> RECORDS FOR THE TASK:
_ _ _ _ _
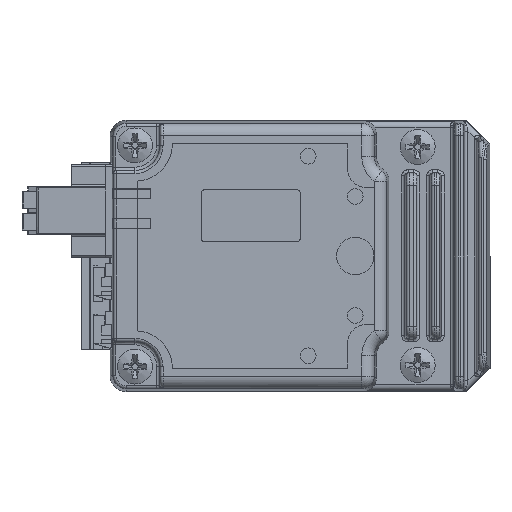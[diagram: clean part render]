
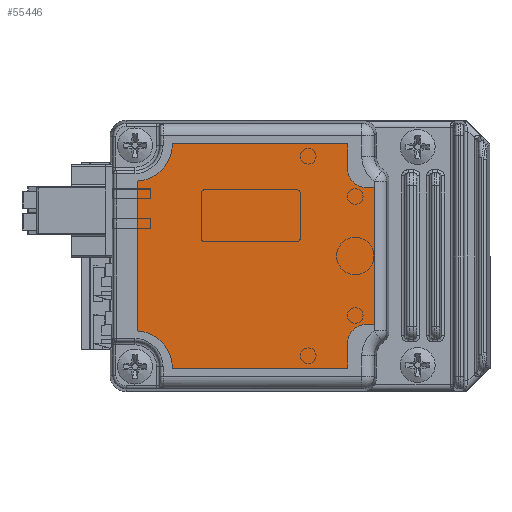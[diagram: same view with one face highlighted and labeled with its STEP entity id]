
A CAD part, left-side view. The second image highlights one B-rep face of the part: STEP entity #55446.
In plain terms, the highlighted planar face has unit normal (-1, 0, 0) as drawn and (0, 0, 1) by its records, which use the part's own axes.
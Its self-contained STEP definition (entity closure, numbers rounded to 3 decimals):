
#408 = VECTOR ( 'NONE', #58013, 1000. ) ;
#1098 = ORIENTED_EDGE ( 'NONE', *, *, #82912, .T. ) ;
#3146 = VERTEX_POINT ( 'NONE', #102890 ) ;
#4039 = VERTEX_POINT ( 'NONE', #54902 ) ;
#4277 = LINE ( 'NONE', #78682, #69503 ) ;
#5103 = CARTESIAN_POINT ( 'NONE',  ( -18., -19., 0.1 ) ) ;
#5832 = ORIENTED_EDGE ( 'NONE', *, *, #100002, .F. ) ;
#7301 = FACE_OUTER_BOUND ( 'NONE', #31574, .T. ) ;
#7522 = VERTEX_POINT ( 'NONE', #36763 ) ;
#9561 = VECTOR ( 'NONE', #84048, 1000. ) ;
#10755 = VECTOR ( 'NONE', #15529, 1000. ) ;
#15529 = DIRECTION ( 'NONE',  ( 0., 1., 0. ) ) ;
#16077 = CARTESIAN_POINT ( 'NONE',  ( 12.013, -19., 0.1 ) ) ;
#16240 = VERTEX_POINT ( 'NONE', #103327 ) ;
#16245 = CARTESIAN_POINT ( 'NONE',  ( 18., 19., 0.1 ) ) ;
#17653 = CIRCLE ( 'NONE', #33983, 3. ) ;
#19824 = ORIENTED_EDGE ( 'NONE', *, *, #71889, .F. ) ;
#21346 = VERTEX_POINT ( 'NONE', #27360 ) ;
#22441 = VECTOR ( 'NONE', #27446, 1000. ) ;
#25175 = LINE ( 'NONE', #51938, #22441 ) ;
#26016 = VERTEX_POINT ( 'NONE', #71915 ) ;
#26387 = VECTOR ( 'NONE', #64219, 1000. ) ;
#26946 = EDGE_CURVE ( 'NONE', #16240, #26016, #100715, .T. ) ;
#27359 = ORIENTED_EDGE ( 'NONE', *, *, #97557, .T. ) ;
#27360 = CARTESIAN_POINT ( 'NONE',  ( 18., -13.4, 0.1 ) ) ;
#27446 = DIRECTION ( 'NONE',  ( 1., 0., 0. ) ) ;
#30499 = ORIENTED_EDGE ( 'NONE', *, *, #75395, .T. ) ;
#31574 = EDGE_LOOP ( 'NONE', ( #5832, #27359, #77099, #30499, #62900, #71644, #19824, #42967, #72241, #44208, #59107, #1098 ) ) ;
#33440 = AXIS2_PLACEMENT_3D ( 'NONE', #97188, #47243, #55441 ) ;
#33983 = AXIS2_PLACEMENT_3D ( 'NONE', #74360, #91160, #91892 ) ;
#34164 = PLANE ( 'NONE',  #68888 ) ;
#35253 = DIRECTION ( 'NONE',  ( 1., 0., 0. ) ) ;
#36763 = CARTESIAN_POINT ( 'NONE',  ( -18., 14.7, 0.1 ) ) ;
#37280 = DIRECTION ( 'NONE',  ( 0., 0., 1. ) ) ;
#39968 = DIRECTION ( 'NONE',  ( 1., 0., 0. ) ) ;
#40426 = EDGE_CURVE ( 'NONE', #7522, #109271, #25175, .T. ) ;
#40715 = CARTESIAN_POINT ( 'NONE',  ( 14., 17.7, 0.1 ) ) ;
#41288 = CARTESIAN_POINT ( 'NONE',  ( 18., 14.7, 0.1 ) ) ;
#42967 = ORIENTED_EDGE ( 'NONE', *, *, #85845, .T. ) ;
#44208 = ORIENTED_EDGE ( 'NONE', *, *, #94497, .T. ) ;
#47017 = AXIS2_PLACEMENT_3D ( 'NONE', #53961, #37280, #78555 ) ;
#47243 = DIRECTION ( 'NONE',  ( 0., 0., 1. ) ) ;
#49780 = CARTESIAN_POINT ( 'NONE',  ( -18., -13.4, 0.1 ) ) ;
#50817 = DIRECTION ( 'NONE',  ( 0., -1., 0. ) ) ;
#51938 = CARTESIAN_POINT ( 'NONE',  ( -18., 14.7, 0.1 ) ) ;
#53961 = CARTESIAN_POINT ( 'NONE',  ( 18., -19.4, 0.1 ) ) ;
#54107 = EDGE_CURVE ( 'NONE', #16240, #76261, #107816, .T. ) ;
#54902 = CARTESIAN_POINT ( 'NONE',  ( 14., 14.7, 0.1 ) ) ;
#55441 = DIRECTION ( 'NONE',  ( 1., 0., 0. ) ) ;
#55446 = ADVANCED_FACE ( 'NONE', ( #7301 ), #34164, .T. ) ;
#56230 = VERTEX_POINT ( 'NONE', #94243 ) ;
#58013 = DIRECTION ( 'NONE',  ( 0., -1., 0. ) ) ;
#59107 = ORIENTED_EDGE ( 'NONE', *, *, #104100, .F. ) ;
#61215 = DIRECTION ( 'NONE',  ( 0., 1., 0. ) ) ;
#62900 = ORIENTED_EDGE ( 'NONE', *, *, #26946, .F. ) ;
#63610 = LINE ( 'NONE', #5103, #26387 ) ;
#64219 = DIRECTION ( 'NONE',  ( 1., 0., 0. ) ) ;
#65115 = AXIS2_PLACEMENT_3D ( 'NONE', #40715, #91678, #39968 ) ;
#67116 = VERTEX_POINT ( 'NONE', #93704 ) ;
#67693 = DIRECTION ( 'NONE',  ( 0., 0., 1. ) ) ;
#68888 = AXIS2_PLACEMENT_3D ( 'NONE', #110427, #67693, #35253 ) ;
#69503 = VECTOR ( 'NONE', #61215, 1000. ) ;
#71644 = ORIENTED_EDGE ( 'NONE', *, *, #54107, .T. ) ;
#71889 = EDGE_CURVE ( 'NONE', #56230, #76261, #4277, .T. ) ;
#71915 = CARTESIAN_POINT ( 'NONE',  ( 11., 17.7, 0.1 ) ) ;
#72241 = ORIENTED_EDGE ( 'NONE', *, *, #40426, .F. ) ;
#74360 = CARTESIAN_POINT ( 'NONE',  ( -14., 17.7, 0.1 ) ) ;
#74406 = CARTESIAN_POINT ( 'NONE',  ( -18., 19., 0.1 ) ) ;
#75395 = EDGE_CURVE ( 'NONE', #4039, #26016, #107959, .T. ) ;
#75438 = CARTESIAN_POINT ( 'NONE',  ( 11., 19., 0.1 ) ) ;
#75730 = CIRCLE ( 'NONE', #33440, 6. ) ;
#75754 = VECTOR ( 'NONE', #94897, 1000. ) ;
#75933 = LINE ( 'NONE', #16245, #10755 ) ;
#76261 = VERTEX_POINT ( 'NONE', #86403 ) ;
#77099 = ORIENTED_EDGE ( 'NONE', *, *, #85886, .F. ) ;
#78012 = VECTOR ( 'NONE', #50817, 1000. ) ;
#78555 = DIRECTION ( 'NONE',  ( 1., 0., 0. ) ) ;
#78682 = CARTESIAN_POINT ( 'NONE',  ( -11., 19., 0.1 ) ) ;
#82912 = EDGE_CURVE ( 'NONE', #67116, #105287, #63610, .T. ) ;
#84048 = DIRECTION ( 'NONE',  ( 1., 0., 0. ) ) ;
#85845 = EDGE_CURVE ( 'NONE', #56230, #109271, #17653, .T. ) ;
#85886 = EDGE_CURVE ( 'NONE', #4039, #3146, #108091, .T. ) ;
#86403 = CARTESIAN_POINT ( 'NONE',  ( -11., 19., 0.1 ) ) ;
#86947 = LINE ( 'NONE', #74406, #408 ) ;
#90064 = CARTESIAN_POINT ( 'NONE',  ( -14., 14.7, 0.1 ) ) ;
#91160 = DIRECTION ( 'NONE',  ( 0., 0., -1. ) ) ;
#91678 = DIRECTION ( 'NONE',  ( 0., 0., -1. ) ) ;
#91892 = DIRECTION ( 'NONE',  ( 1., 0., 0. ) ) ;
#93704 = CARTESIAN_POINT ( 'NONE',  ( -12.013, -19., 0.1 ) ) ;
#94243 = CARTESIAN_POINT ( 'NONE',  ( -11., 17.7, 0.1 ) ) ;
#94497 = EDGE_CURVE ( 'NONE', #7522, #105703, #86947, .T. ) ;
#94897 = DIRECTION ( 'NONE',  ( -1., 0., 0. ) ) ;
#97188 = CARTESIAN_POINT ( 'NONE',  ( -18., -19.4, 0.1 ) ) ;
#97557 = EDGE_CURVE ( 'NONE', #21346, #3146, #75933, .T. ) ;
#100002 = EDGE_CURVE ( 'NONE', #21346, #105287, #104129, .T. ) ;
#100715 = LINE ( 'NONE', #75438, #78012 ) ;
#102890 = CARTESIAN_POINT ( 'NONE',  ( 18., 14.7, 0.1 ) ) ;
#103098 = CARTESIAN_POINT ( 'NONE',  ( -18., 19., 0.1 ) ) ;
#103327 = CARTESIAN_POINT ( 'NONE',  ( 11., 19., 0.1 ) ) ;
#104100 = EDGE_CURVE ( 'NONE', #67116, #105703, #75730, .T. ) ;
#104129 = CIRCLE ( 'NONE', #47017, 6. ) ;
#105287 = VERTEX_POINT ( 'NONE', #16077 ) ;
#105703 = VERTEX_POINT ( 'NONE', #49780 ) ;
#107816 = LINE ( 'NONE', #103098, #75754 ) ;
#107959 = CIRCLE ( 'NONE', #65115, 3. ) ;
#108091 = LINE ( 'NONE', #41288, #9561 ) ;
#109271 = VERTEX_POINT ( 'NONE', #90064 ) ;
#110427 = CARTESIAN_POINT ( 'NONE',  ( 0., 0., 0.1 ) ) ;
_ _ _ _ _
Only the lines from the one containing "#33983 = AXIS2_PLACEMENT_3D" through the one containing "#75438 = CARTESIAN_POINT" are to be retyped, both boundary lines included, with no other material.

> RESPONSE AREA:
#33983 = AXIS2_PLACEMENT_3D ( 'NONE', #74360, #91160, #91892 ) ;
#34164 = PLANE ( 'NONE',  #68888 ) ;
#35253 = DIRECTION ( 'NONE',  ( 1., 0., 0. ) ) ;
#36763 = CARTESIAN_POINT ( 'NONE',  ( -18., 14.7, 0.1 ) ) ;
#37280 = DIRECTION ( 'NONE',  ( 0., 0., 1. ) ) ;
#39968 = DIRECTION ( 'NONE',  ( 1., 0., 0. ) ) ;
#40426 = EDGE_CURVE ( 'NONE', #7522, #109271, #25175, .T. ) ;
#40715 = CARTESIAN_POINT ( 'NONE',  ( 14., 17.7, 0.1 ) ) ;
#41288 = CARTESIAN_POINT ( 'NONE',  ( 18., 14.7, 0.1 ) ) ;
#42967 = ORIENTED_EDGE ( 'NONE', *, *, #85845, .T. ) ;
#44208 = ORIENTED_EDGE ( 'NONE', *, *, #94497, .T. ) ;
#47017 = AXIS2_PLACEMENT_3D ( 'NONE', #53961, #37280, #78555 ) ;
#47243 = DIRECTION ( 'NONE',  ( 0., 0., 1. ) ) ;
#49780 = CARTESIAN_POINT ( 'NONE',  ( -18., -13.4, 0.1 ) ) ;
#50817 = DIRECTION ( 'NONE',  ( 0., -1., 0. ) ) ;
#51938 = CARTESIAN_POINT ( 'NONE',  ( -18., 14.7, 0.1 ) ) ;
#53961 = CARTESIAN_POINT ( 'NONE',  ( 18., -19.4, 0.1 ) ) ;
#54107 = EDGE_CURVE ( 'NONE', #16240, #76261, #107816, .T. ) ;
#54902 = CARTESIAN_POINT ( 'NONE',  ( 14., 14.7, 0.1 ) ) ;
#55441 = DIRECTION ( 'NONE',  ( 1., 0., 0. ) ) ;
#55446 = ADVANCED_FACE ( 'NONE', ( #7301 ), #34164, .T. ) ;
#56230 = VERTEX_POINT ( 'NONE', #94243 ) ;
#58013 = DIRECTION ( 'NONE',  ( 0., -1., 0. ) ) ;
#59107 = ORIENTED_EDGE ( 'NONE', *, *, #104100, .F. ) ;
#61215 = DIRECTION ( 'NONE',  ( 0., 1., 0. ) ) ;
#62900 = ORIENTED_EDGE ( 'NONE', *, *, #26946, .F. ) ;
#63610 = LINE ( 'NONE', #5103, #26387 ) ;
#64219 = DIRECTION ( 'NONE',  ( 1., 0., 0. ) ) ;
#65115 = AXIS2_PLACEMENT_3D ( 'NONE', #40715, #91678, #39968 ) ;
#67116 = VERTEX_POINT ( 'NONE', #93704 ) ;
#67693 = DIRECTION ( 'NONE',  ( 0., 0., 1. ) ) ;
#68888 = AXIS2_PLACEMENT_3D ( 'NONE', #110427, #67693, #35253 ) ;
#69503 = VECTOR ( 'NONE', #61215, 1000. ) ;
#71644 = ORIENTED_EDGE ( 'NONE', *, *, #54107, .T. ) ;
#71889 = EDGE_CURVE ( 'NONE', #56230, #76261, #4277, .T. ) ;
#71915 = CARTESIAN_POINT ( 'NONE',  ( 11., 17.7, 0.1 ) ) ;
#72241 = ORIENTED_EDGE ( 'NONE', *, *, #40426, .F. ) ;
#74360 = CARTESIAN_POINT ( 'NONE',  ( -14., 17.7, 0.1 ) ) ;
#74406 = CARTESIAN_POINT ( 'NONE',  ( -18., 19., 0.1 ) ) ;
#75395 = EDGE_CURVE ( 'NONE', #4039, #26016, #107959, .T. ) ;
#75438 = CARTESIAN_POINT ( 'NONE',  ( 11., 19., 0.1 ) ) ;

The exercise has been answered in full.